Work task »
Filter out all lines without the word "STEP" from the data below, please, and copy the rest.

Exercise material »
-=-=-

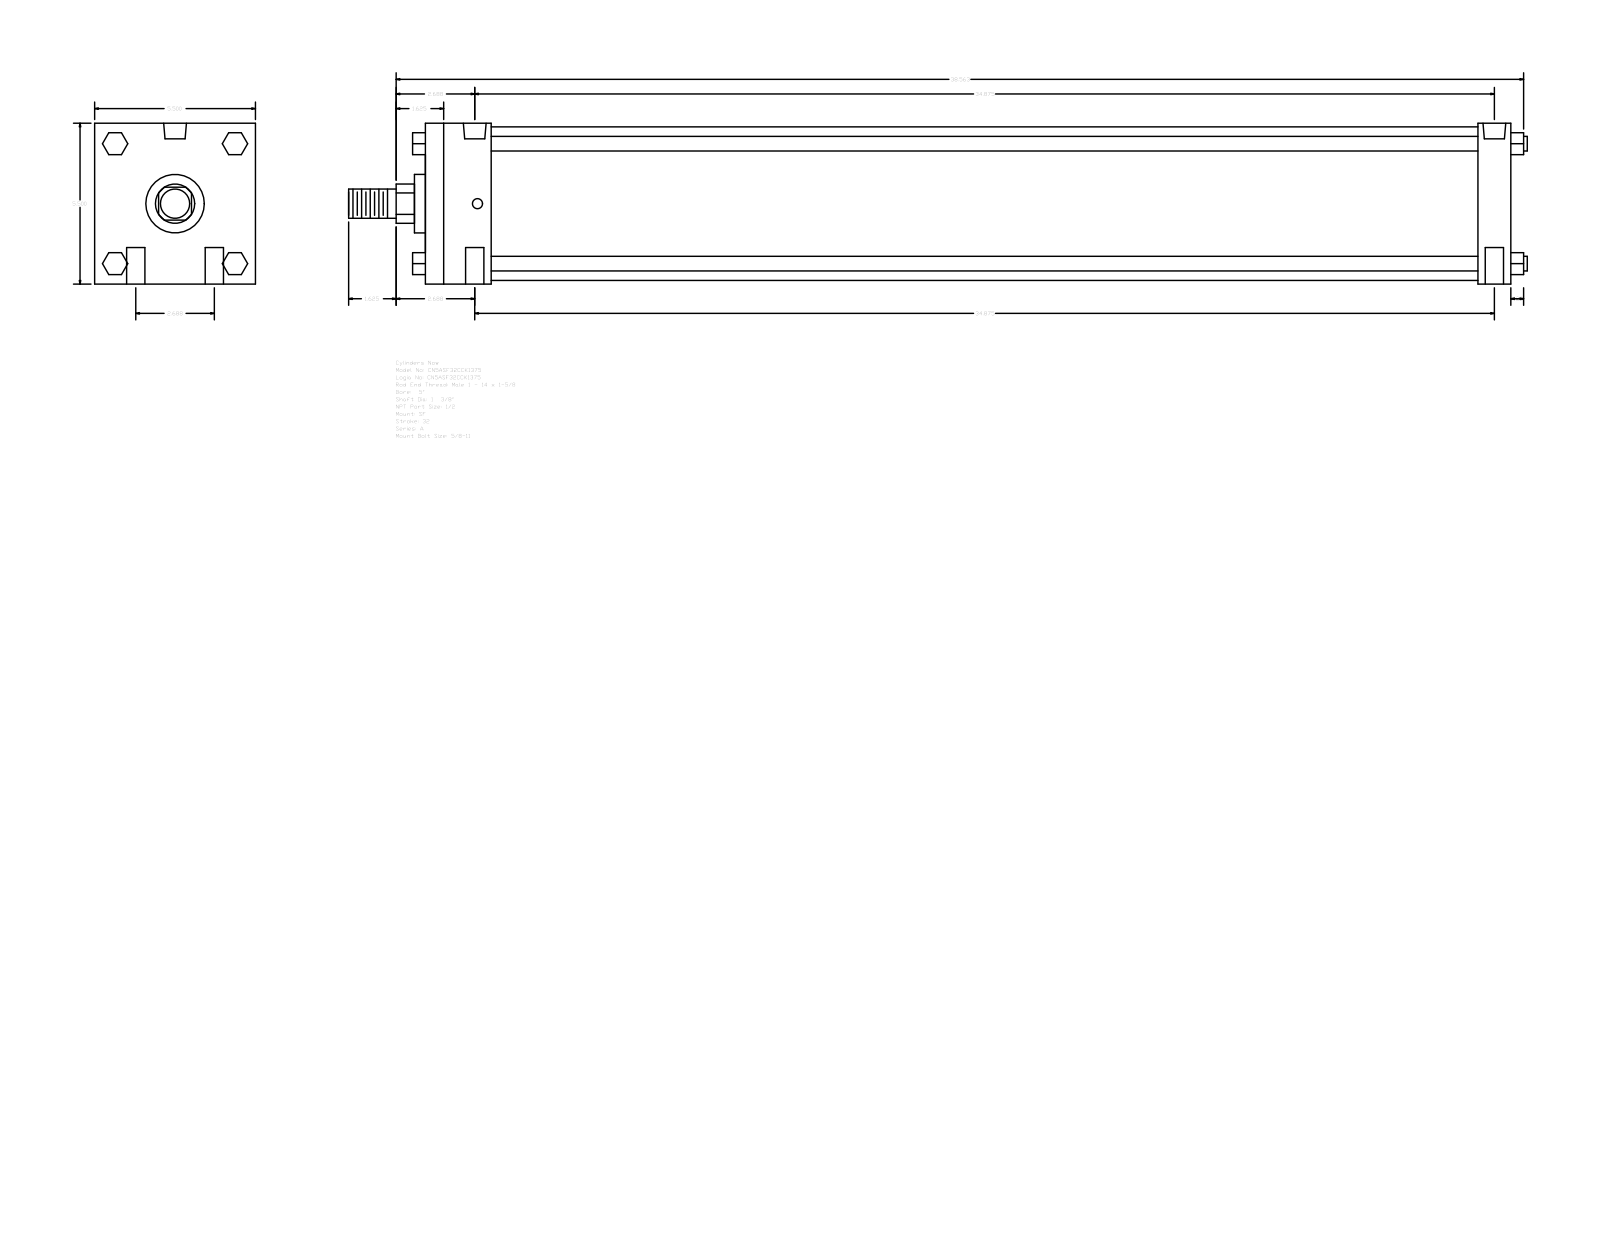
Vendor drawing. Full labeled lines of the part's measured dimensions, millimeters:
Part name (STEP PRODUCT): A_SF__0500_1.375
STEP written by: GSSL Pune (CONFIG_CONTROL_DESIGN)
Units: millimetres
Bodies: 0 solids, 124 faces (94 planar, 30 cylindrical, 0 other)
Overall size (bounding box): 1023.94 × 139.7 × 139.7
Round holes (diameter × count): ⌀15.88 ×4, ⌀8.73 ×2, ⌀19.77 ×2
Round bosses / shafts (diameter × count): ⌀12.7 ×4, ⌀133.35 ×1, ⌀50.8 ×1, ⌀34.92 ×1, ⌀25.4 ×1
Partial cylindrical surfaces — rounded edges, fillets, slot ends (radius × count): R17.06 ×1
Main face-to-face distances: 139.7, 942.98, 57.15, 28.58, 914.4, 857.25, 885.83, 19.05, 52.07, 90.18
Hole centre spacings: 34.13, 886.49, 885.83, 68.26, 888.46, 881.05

-=-=-

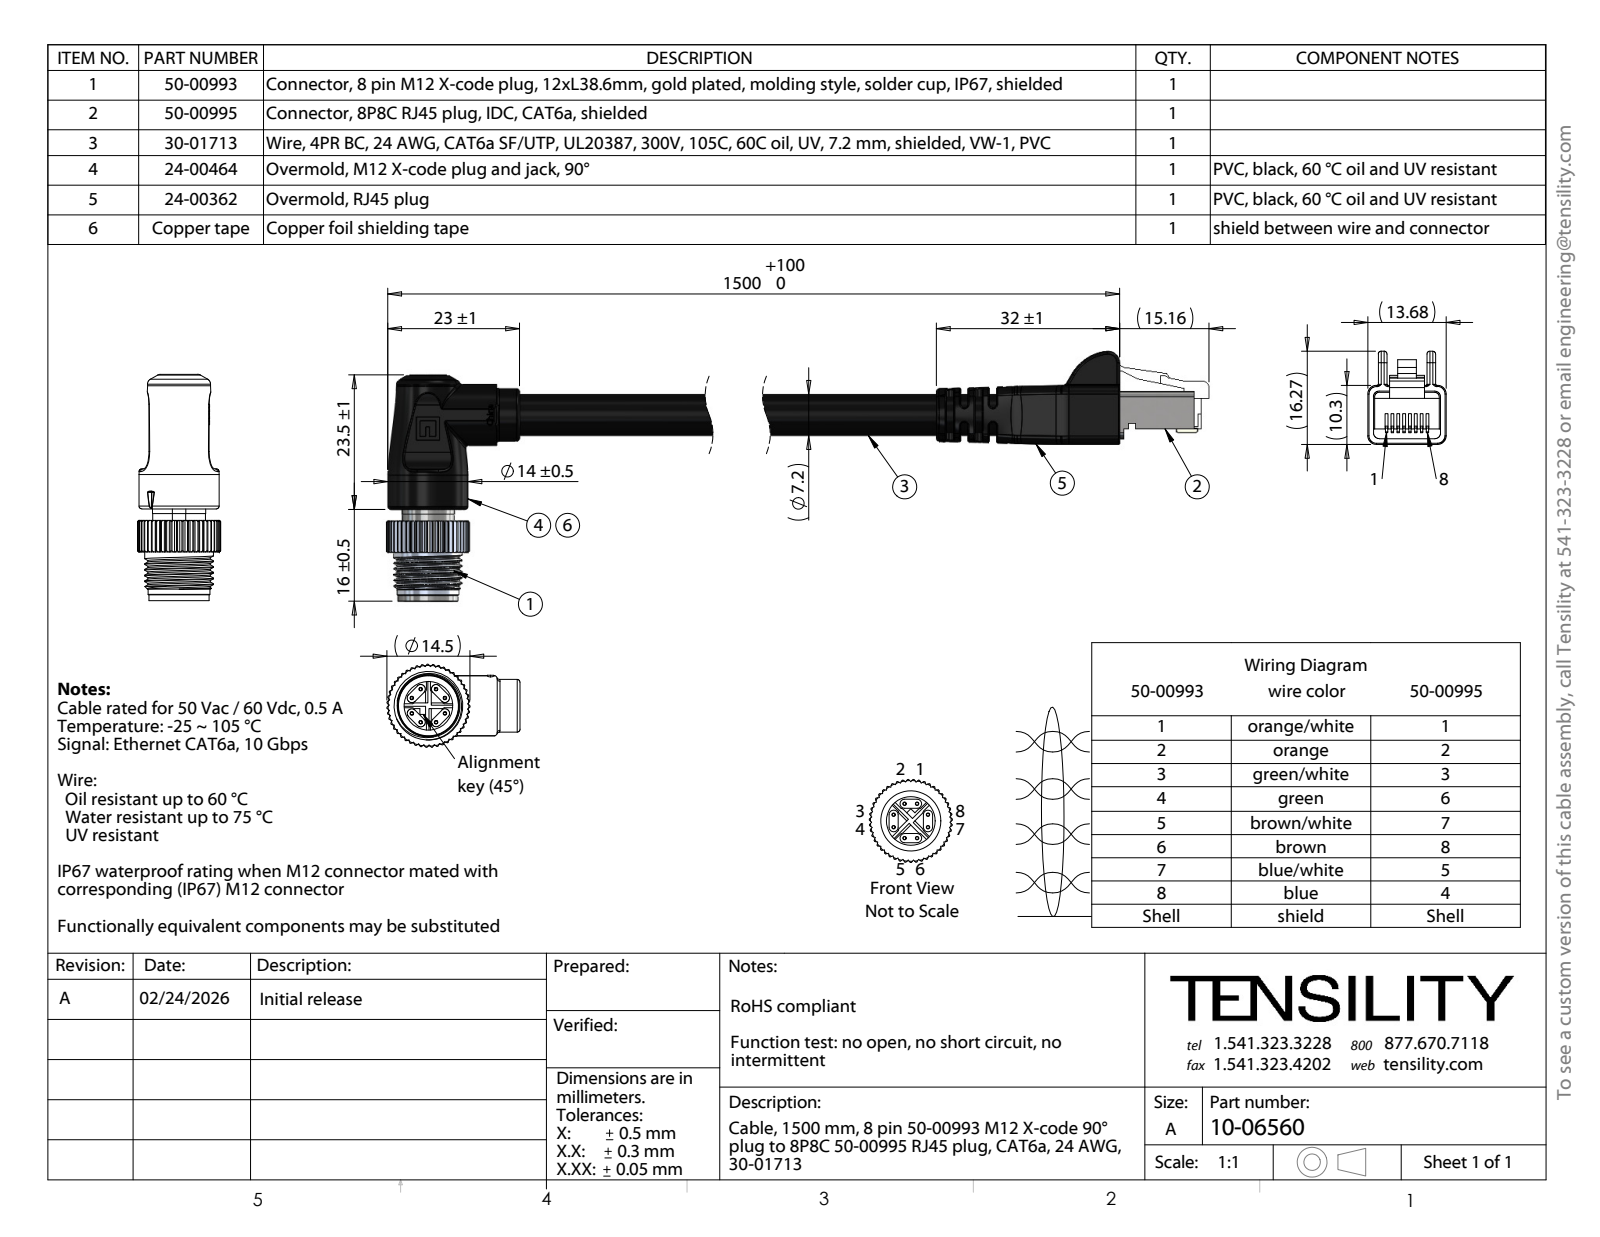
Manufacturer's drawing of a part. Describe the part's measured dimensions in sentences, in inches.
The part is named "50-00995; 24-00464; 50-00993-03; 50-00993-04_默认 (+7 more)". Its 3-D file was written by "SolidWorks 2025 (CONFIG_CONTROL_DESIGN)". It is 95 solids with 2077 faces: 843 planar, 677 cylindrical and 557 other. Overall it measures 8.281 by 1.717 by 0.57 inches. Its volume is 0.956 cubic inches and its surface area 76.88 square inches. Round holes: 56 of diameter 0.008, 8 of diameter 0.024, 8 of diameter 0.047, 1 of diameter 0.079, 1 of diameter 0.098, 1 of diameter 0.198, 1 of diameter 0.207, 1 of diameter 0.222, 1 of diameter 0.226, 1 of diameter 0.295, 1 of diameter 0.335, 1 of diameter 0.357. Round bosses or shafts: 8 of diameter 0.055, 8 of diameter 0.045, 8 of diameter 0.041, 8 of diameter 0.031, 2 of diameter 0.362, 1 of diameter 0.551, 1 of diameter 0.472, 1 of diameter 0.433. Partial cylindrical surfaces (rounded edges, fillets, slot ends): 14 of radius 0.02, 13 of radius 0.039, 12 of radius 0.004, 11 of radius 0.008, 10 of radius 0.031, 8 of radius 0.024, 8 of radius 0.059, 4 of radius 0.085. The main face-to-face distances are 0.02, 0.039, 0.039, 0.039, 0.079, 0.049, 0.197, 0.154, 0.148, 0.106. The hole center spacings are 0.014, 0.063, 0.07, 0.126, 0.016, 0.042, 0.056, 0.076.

-=-=-

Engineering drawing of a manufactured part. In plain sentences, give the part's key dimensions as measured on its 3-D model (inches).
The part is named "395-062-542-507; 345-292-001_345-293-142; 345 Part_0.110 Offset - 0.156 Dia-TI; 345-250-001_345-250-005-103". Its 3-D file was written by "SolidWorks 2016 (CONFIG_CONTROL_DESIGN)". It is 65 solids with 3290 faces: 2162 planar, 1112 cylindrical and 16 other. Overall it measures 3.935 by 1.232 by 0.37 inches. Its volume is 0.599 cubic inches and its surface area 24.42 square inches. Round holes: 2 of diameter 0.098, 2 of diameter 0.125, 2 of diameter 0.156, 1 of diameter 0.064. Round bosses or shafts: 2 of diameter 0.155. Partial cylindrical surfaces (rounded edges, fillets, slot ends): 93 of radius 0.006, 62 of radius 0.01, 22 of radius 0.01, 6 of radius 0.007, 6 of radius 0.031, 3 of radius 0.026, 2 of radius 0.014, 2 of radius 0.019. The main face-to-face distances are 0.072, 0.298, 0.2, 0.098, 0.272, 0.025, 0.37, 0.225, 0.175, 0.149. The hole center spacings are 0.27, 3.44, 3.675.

-=-=-

Task solution »
Part name (STEP PRODUCT): A_SF__0500_1.375
STEP written by: GSSL Pune (CONFIG_CONTROL_DESIGN)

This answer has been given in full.